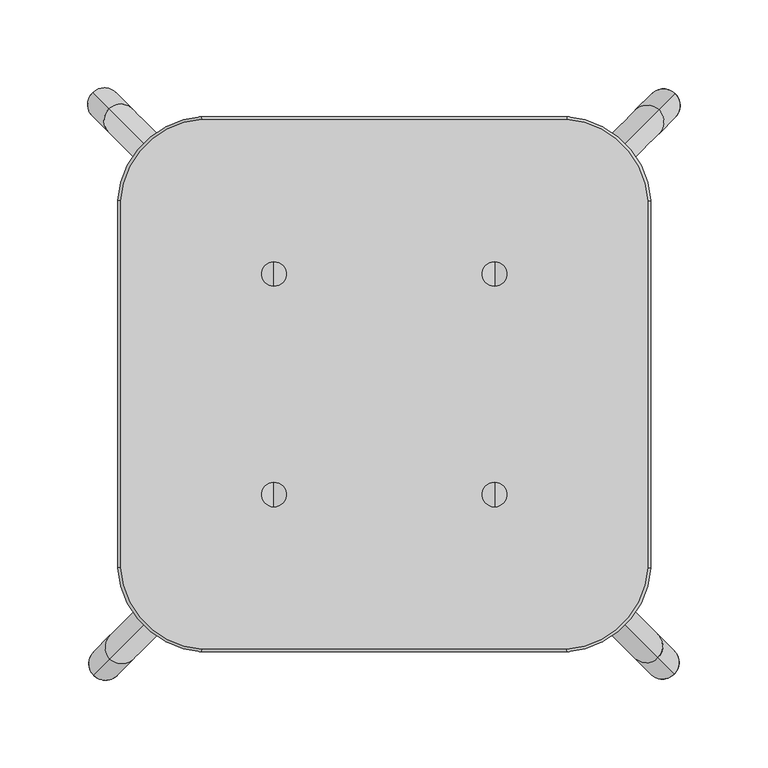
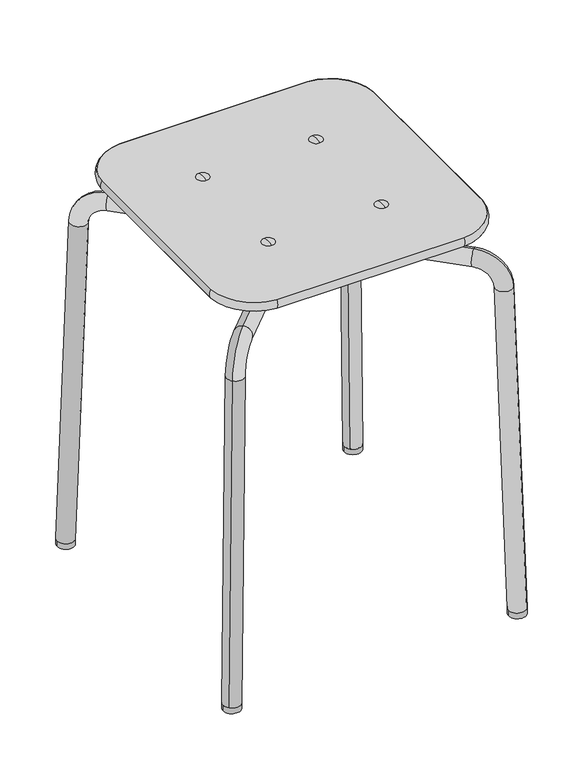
"""IFC4 building model written with IfcOpenShell, lengths in millimetres: furniture geometry, Grip NxT Stool 45 Stack : 45 Unupholstered."""

import ifcopenshell
import ifcopenshell.guid

model = None  # the IFC model being written
_history = None  # IfcOwnerHistory: only IFC2X3 demands one
_inside = {}  # id of a spatial element -> (the spatial element, [elements in it])
_under = {}  # id of a project, library or spatial element -> (it, [spatial elements below it])
_declared = {}  # id of a project -> (the project, [libraries it declares])
_typed = {}  # id of a type object -> (the type object, [elements of that type])
_made_of = {}  # id of a material, layer set ... -> (it, [elements and type objects made of it])


def new_model(schema):
    """Start an empty IFC model of exactly this schema.

    Asked for "IFC4X3", IfcOpenShell would pick the latest addendum, in which some entities
    have other attributes; the version numbers below select the first issue.
    IFC2X3 requires an IfcOwnerHistory on every rooted entity: one is made here for all.
    """
    global model, _history
    if schema == "IFC4X3":
        model = ifcopenshell.file(schema_version=(4, 3, 0, 0))
    else:
        model = ifcopenshell.file(schema=schema)
    _inside.clear()
    _under.clear()
    _declared.clear()
    _typed.clear()
    _made_of.clear()
    _history = None
    if model.schema == "IFC2X3":
        org = make("IfcOrganization", Name="unknown")
        user = make(
            "IfcPersonAndOrganization",
            ThePerson=make("IfcPerson", FamilyName="unknown"),
            TheOrganization=org,
        )
        app = make(
            "IfcApplication",
            ApplicationDeveloper=org,
            Version="unknown",
            ApplicationFullName="unknown",
            ApplicationIdentifier="unknown",
        )
        _history = make(
            "IfcOwnerHistory",
            OwningUser=user,
            OwningApplication=app,
            ChangeAction="ADDED",
            CreationDate=0,
        )
    return model


def make(cls, **values):
    """One entity of the class cls with the attributes given. An attribute that is None is left unset."""
    return model.create_entity(
        cls, **{name: value for name, value in values.items() if value is not None}
    )


def rooted(cls, **values):
    """An entity with a GlobalId (a new one), such as an element, a storey or a relation."""
    return make(cls, GlobalId=ifcopenshell.guid.new(), OwnerHistory=_history, **values)


def si_unit(unit_type, name, prefix=None):
    """IfcSIUnit, for example si_unit("LENGTHUNIT", "METRE", prefix="MILLI")."""
    return make("IfcSIUnit", UnitType=unit_type, Prefix=prefix, Name=name)


def assignment(units):
    """IfcUnitAssignment: the units of a project."""
    return None if units is None else make("IfcUnitAssignment", Units=units)


def point(xyz):
    """IfcCartesianPoint."""
    return None if xyz is None else make("IfcCartesianPoint", Coordinates=xyz)


def direction(xyz):
    """IfcDirection."""
    return None if xyz is None else make("IfcDirection", DirectionRatios=xyz)


def frame(location, z_axis=None, x_axis=None):
    """IfcAxis2Placement3D, a coordinate frame: its origin and axes. An axis left out is left unset."""
    return make(
        "IfcAxis2Placement3D",
        Location=point(location),
        Axis=direction(z_axis),
        RefDirection=direction(x_axis),
    )


def frame_2d(location, x_axis=None):
    """IfcAxis2Placement2D, a coordinate frame in the plane: its origin and x axis."""
    return make(
        "IfcAxis2Placement2D", Location=point(location), RefDirection=direction(x_axis)
    )


def origin():
    """The frame at (0, 0, 0) with its axes left unset."""
    return frame((0.0, 0.0, 0.0))


def origin_with_axes():
    """The frame at (0, 0, 0) with the z axis (0, 0, 1) and the x axis (1, 0, 0) written out."""
    return frame((0.0, 0.0, 0.0), z_axis=(0.0, 0.0, 1.0), x_axis=(1.0, 0.0, 0.0))


def place(relative_to, where):
    """IfcLocalPlacement: puts the frame where relative to a parent placement (None: the world)."""
    return make(
        "IfcLocalPlacement", PlacementRelTo=relative_to, RelativePlacement=where
    )


def context(
    kind, dimensions, precision=None, world=None, true_north=None, identifier=None
):
    """IfcGeometricRepresentationContext, for example the 3D "Model" context."""
    return make(
        "IfcGeometricRepresentationContext",
        ContextIdentifier=identifier,
        ContextType=kind,
        CoordinateSpaceDimension=dimensions,
        Precision=precision,
        WorldCoordinateSystem=world,
        TrueNorth=true_north,
    )


def project(units=None, contexts=None):
    """IfcProject with its units and contexts."""
    return rooted(
        "IfcProject",
        Name="project",
        RepresentationContexts=contexts,
        UnitsInContext=assignment(units),
    )


def spatial(cls, under=None, at=None, **own):
    """A site, building, storey or space (cls), placed at a placement, below another one or the project."""
    s = rooted(cls, ObjectPlacement=at, **own)
    if under is not None:
        _under.setdefault(under.id(), (under, []))[1].append(s)
    return s


def polyline(points):
    """IfcPolyline through the points."""
    return make("IfcPolyline", Points=[point(p) for p in points])


def circle_curve(where, radius):
    """IfcCircle in the frame where."""
    return make("IfcCircle", Position=where, Radius=radius)


def ellipse_curve(where, semi_axis1, semi_axis2):
    """IfcEllipse in the frame where."""
    return make(
        "IfcEllipse", Position=where, SemiAxis1=semi_axis1, SemiAxis2=semi_axis2
    )


def trimmed(basis, trim1, trim2, sense, master):
    """IfcTrimmedCurve: the piece of a basis curve between two trims."""
    return make(
        "IfcTrimmedCurve",
        BasisCurve=basis,
        Trim1=trim1,
        Trim2=trim2,
        SenseAgreement=sense,
        MasterRepresentation=master,
    )


def segment(curve, same_sense, transition):
    """IfcCompositeCurveSegment."""
    return make(
        "IfcCompositeCurveSegment",
        Transition=transition,
        SameSense=same_sense,
        ParentCurve=curve,
    )


def composite_curve(segments, self_intersect=None):
    """IfcCompositeCurve: segments joined end to end."""
    return make("IfcCompositeCurve", Segments=segments, SelfIntersect=self_intersect)


def outline(outer, holes=None, kind="AREA"):
    """IfcArbitraryClosedProfileDef: a profile drawn as a closed curve; with holes, ...WithVoids."""
    if holes is None:
        return make("IfcArbitraryClosedProfileDef", ProfileType=kind, OuterCurve=outer)
    return make(
        "IfcArbitraryProfileDefWithVoids",
        ProfileType=kind,
        OuterCurve=outer,
        InnerCurves=holes,
    )


def extrude(swept, where, along, depth):
    """IfcExtrudedAreaSolid: the profile swept, set in the frame where, extruded along a direction by depth."""
    return make(
        "IfcExtrudedAreaSolid",
        SweptArea=swept,
        Position=where,
        ExtrudedDirection=direction(along),
        Depth=depth,
    )


def shape(context_of_items, identifier, shape_type, items):
    """IfcShapeRepresentation: the items that make up one representation, for example the "Body"."""
    return make(
        "IfcShapeRepresentation",
        ContextOfItems=context_of_items,
        RepresentationIdentifier=identifier,
        RepresentationType=shape_type,
        Items=items,
    )


def source(mapping_origin, context_of_items, identifier, shape_type, items):
    """IfcRepresentationMap: a shape defined once, which mapped items show again and again."""
    return make(
        "IfcRepresentationMap",
        MappingOrigin=mapping_origin,
        MappedRepresentation=shape(context_of_items, identifier, shape_type, items),
    )


def transform(
    local_origin,
    x_axis=None,
    y_axis=None,
    z_axis=None,
    scale=None,
    scale2=None,
    scale3=None,
    uniform=True,
):
    """IfcCartesianTransformationOperator3D, or its non-uniform kind. x_axis, y_axis, z_axis: its Axis1, 2, 3."""
    if uniform:
        return make(
            "IfcCartesianTransformationOperator3D",
            Axis1=direction(x_axis),
            Axis2=direction(y_axis),
            LocalOrigin=point(local_origin),
            Scale=scale,
            Axis3=direction(z_axis),
        )
    return make(
        "IfcCartesianTransformationOperator3DnonUniform",
        Axis1=direction(x_axis),
        Axis2=direction(y_axis),
        LocalOrigin=point(local_origin),
        Scale=scale,
        Axis3=direction(z_axis),
        Scale2=scale2,
        Scale3=scale3,
    )


def mapped(mapping_source, mapping_target):
    """IfcMappedItem: shows the shape of a source again, moved by a transform."""
    return make(
        "IfcMappedItem", MappingSource=mapping_source, MappingTarget=mapping_target
    )


def made_of(thing, what):
    """Note that an element or type object is made of a material, layer set ...; save() writes the relation."""
    if what is not None:
        _made_of.setdefault(what.id(), (what, []))[1].append(thing)
    return thing


def element(
    cls,
    number,
    at=None,
    inside=None,
    cuts=None,
    type_object=None,
    material=None,
    context=None,
    identifier="Body",
    shape_type=None,
    held_by="IfcProductDefinitionShape",
    body=None,
    shapes=None,
    **own,
):
    """One element of the class cls, such as IfcWall. Its Tag is "e" and its number.

    at: its placement. inside: the storey or other place that contains it. cuts: it is an
    opening in that element (IfcRelVoidsElement). A single representation is given by context,
    identifier, shape_type and body (its items); several are given by shapes. held_by: the class
    of the entity that holds the representations. save() writes the other relations.
    """
    e = rooted(cls, Tag="e%d" % number, ObjectPlacement=at, **own)
    if body is not None:
        shapes = [shape(context, identifier, shape_type, body)]
    if shapes is not None:
        e.Representation = make(held_by, Representations=shapes)
    if inside is not None:
        _inside.setdefault(inside.id(), (inside, []))[1].append(e)
    if cuts is not None:
        rooted(
            "IfcRelVoidsElement", RelatingBuildingElement=cuts, RelatedOpeningElement=e
        )
    if type_object is not None:
        _typed.setdefault(type_object.id(), (type_object, []))[1].append(e)
    return made_of(e, material)


def aggregate(whole, parts):
    """IfcRelAggregates: a whole, such as a stair, and the parts it consists of."""
    return rooted("IfcRelAggregates", RelatingObject=whole, RelatedObjects=parts)


def save(model, path):
    """Write the relations noted so far, then the file.

    IfcRelAggregates (storeys below a building ...), IfcRelContainedInSpatialStructure (elements
    in a storey), IfcRelDefinesByType, IfcRelAssociatesMaterial and IfcRelDeclares: one each for
    every whole, place, type object, material and project.
    """
    for whole, parts in _under.values():
        aggregate(whole, parts)
    for where, things in _inside.values():
        rooted(
            "IfcRelContainedInSpatialStructure",
            RelatedElements=things,
            RelatingStructure=where,
        )
    for kind, things in _typed.values():
        rooted("IfcRelDefinesByType", RelatedObjects=things, RelatingType=kind)
    for what, things in _made_of.values():
        rooted("IfcRelAssociatesMaterial", RelatedObjects=things, RelatingMaterial=what)
    for by, libraries in _declared.values():
        rooted("IfcRelDeclares", RelatingContext=by, RelatedDefinitions=libraries)
    model.write(path)


def plane_surface(at):
    """IfcPlane: the flat surface through the origin of the frame at, square to its z axis."""
    return make("IfcPlane", Position=at)


def cylinder_surface(at, radius):
    """IfcCylindricalSurface: all points at the distance radius from the z axis of the frame at."""
    return make("IfcCylindricalSurface", Position=at, Radius=radius)


def revolved_surface(curve, axis_point, axis_direction):
    """IfcSurfaceOfRevolution: the curve turned about the line through axis_point along axis_direction."""
    return make(
        "IfcSurfaceOfRevolution",
        SweptCurve=make("IfcArbitraryOpenProfileDef", ProfileType="CURVE", Curve=curve),
        AxisPosition=make("IfcAxis1Placement", Location=point(axis_point), Axis=direction(axis_direction)),
    )


def advanced_brep(points, edges, surfaces, faces):
    """IfcAdvancedBrep: a solid bounded by faces that lie on surfaces and meet in shared edges.

    An edge is (start, end): straight between two places in points (the first is 0);
    or (start, end, curve); or (start, end, curve, False) where it runs against its curve.
    A face is (place in surfaces, loops), or (place, loops, False) where it looks against
    its surface's normal. A loop lists edges by number (the first is 1), with a minus sign
    where the edge is run from its end to its start. The first loop is the outer one.
    """
    corners = [point(p) for p in points]
    vertices = [make("IfcVertexPoint", VertexGeometry=c) for c in corners]
    made = []
    for start, end, *more in edges:
        made.append(
            make(
                "IfcEdgeCurve",
                EdgeStart=vertices[start],
                EdgeEnd=vertices[end],
                EdgeGeometry=more[0] if more else make("IfcPolyline", Points=[corners[start], corners[end]]),
                SameSense=more[1] if len(more) > 1 else True,
            )
        )
    hull = []
    for where, loops, *sense in faces:
        bounds = []
        for j, loop in enumerate(loops):
            ring = [make("IfcOrientedEdge", EdgeElement=made[abs(k) - 1], Orientation=k > 0) for k in loop]
            bounds.append(
                make(
                    "IfcFaceOuterBound" if j == 0 else "IfcFaceBound",
                    Bound=make("IfcEdgeLoop", EdgeList=ring),
                    Orientation=True,
                )
            )
        hull.append(make("IfcAdvancedFace", Bounds=bounds, FaceSurface=surfaces[where], SameSense=sense[0] if sense else True))
    return make("IfcAdvancedBrep", Outer=make("IfcClosedShell", CfsFaces=hull))


def furniture_68ec6503(model_context):
    return source(origin(), model_context, "Body", "SolidModel", [
        advanced_brep(
        [(165.2549262, -165.2549262, 6.7653221), (151.8280816, -151.8280816, 6.1022316), (155.9976183, -155.9976183, 381.66572), (142.5707737, -142.5707737, 381.0026295), (128.0839151, -128.0839151, 419.7871899), (128.0839151, -128.0839151, 400.7871899), (0.1314281, -0.1314281, 419.7871899), (0.1314281, -0.1314281, 400.7871899), (-129.1039076, 129.1039076, 419.7871899), (-129.1039076, 129.1039076, 400.7871899), (-157.0176108, 157.0176108, 381.66572), (-143.5907662, 143.5907662, 381.0026295), (-166.2737555, 166.2737555, 6.812426), (-152.846911, 152.846911, 6.1493355), (165.895769, 165.6329127, 6.7653221), (152.4689244, 152.2060681, 6.1022316), (156.6384611, 156.3756048, 381.66572), (143.2116165, 142.9487603, 381.0026295), (128.7247579, 128.4619016, 419.7871899), (128.7247579, 128.4619016, 400.7871899), (-128.4630647, -128.725921, 419.7871899), (-128.4630647, -128.725921, 400.7871899), (-156.376768, -156.6396242, 381.66572), (-142.9499234, -143.2127797, 381.0026295), (-165.6329127, -165.895769, 6.812426), (-152.2060681, -152.4689244, 6.1493355)],
        [
            (0, 1, circle_curve(frame((158.5415039, -158.5415039, 6.4337769), z_axis=(0.024677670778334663, -0.02467767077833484, -0.9993908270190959), x_axis=(-0.7066760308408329, 0.7066760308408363, -0.034899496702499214)), 9.5)),
            (1, 0, circle_curve(frame((158.5415039, -158.5415039, 6.4337769), z_axis=(0.024677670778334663, -0.02467767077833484, -0.9993908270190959), x_axis=(-0.7066760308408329, 0.7066760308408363, -0.034899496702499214)), 9.5)),
            (0, 2),
            (2, 3, circle_curve(frame((149.284196, -149.284196, 381.3341748), z_axis=(0.024677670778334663, -0.02467767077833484, -0.9993908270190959), x_axis=(-0.7066760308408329, 0.7066760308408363, -0.034899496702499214)), 9.5)),
            (3, 1),
            (3, 2, circle_curve(frame((149.284196, -149.284196, 381.3341748), z_axis=(0.024677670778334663, -0.02467767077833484, -0.9993908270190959), x_axis=(-0.7066760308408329, 0.7066760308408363, -0.034899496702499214)), 9.5)),
            (2, 4, circle_curve(frame((128.0839151, -128.0839151, 380.2871899), z_axis=(-0.7071067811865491, -0.7071067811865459, 0.0), x_axis=(0.7066760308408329, -0.7066760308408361, 0.03489949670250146)), 39.5)),
            (4, 5, circle_curve(frame((128.0839151, -128.0839151, 410.2871899), z_axis=(0.7071067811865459, -0.7071067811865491, 0.0), x_axis=(0.0, 0.0, -1.0)), 9.5)),
            (5, 3, circle_curve(frame((128.0839151, -128.0839151, 380.2871899), z_axis=(0.7071067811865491, 0.7071067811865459, 0.0), x_axis=(0.7066760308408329, -0.7066760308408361, 0.03489949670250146)), 20.5)),
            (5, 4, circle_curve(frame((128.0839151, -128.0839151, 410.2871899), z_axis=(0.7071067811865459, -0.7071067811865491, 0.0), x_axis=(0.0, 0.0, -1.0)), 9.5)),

:: WHAT TO WORK ON ::
Pictures are to be left out, and the lines from the beginning of the records through the line with "[libraries it declares])" are to be printed exactly, with nothing added.

:: RESULT OF THIS EXERCISE ::
"""IFC4 building model written with IfcOpenShell, lengths in millimetres: furniture geometry, Grip NxT Stool 45 Stack : 45 Unupholstered."""

import ifcopenshell
import ifcopenshell.guid

model = None  # the IFC model being written
_history = None  # IfcOwnerHistory: only IFC2X3 demands one
_inside = {}  # id of a spatial element -> (the spatial element, [elements in it])
_under = {}  # id of a project, library or spatial element -> (it, [spatial elements below it])
_declared = {}  # id of a project -> (the project, [libraries it declares])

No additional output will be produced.